*** Provided information ***

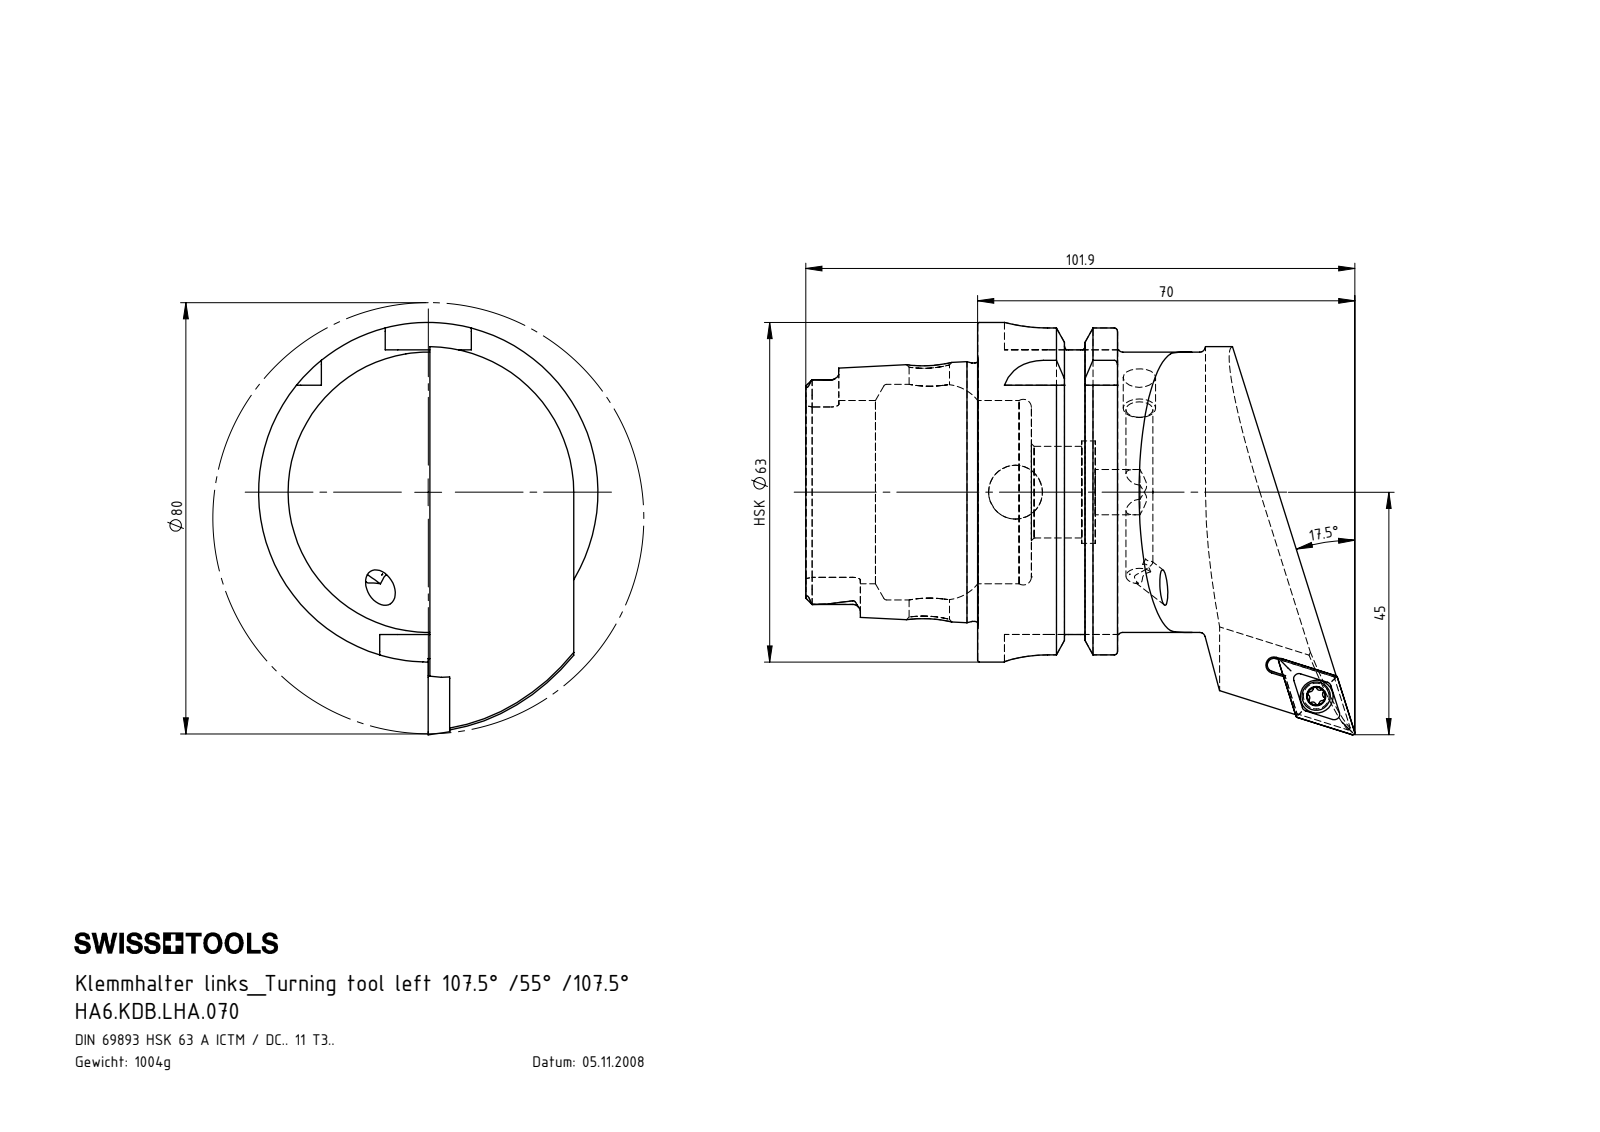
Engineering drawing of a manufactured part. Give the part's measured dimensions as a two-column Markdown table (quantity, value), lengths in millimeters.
| quantity | value |
| --- | --- |
| part name | HA6-KDB.LHA.070; KVT_MB_600_050; WCB-ER2.001.009_A; DCMT11T304 (+1 more) |
| STEP written by | SolidWorks 2012 (CONFIG_CONTROL_DESIGN) |
| units | millimeters |
| bodies | 5 solids, 313 faces (77 planar, 93 cylindrical, 143 other) |
| overall size | 101.91 × 76.5 × 63 |
| volume | 129 449 mm³ |
| surface area | 29 601 mm² |
| round holes (diameter × count) | 4.2 × 2, 3.3 × 1, 4 × 1, 4.4 × 1, 5 × 1, 6.1 × 1, 7.5 × 1, 8.4 × 1, 10 × 1, 17 × 1, 19 × 1, 34 × 1 |
| round bosses / shafts (diameter × count) | 63 × 1, 54.95 × 1, 52 × 1, 47.94 × 1, 5.25 × 1, 5 × 1, 4 × 1 |
| partial cylindrical surfaces (radius × count) | 0.34 × 6, 0.59 × 6, 1.4 × 6, 8 × 4, 2.82 × 2, 2.88 × 2, 1.25 × 1, 6 × 1 |
| main face-to-face distances | 25.95, 16, 9.95, 26.7, 31.9, 41.85, 57.85, 52.8, 21.8, 11.85 |
| hole center spacings | 67.44, 67.56 |

*** End of Provided information ***

Description of the task: Each line of the data must be transcribed exactly; pictures are not carried over.

Result of this task:
Engineering drawing of a manufactured part. Give the part's measured dimensions as a two-column Markdown table (quantity, value), lengths in millimeters.
| quantity | value |
| --- | --- |
| part name | HA6-KDB.LHA.070; KVT_MB_600_050; WCB-ER2.001.009_A; DCMT11T304 (+1 more) |
| STEP written by | SolidWorks 2012 (CONFIG_CONTROL_DESIGN) |
| units | millimeters |
| bodies | 5 solids, 313 faces (77 planar, 93 cylindrical, 143 other) |
| overall size | 101.91 × 76.5 × 63 |
| volume | 129 449 mm³ |
| surface area | 29 601 mm² |
| round holes (diameter × count) | 4.2 × 2, 3.3 × 1, 4 × 1, 4.4 × 1, 5 × 1, 6.1 × 1, 7.5 × 1, 8.4 × 1, 10 × 1, 17 × 1, 19 × 1, 34 × 1 |
| round bosses / shafts (diameter × count) | 63 × 1, 54.95 × 1, 52 × 1, 47.94 × 1, 5.25 × 1, 5 × 1, 4 × 1 |
| partial cylindrical surfaces (radius × count) | 0.34 × 6, 0.59 × 6, 1.4 × 6, 8 × 4, 2.82 × 2, 2.88 × 2, 1.25 × 1, 6 × 1 |
| main face-to-face distances | 25.95, 16, 9.95, 26.7, 31.9, 41.85, 57.85, 52.8, 21.8, 11.85 |
| hole center spacings | 67.44, 67.56 |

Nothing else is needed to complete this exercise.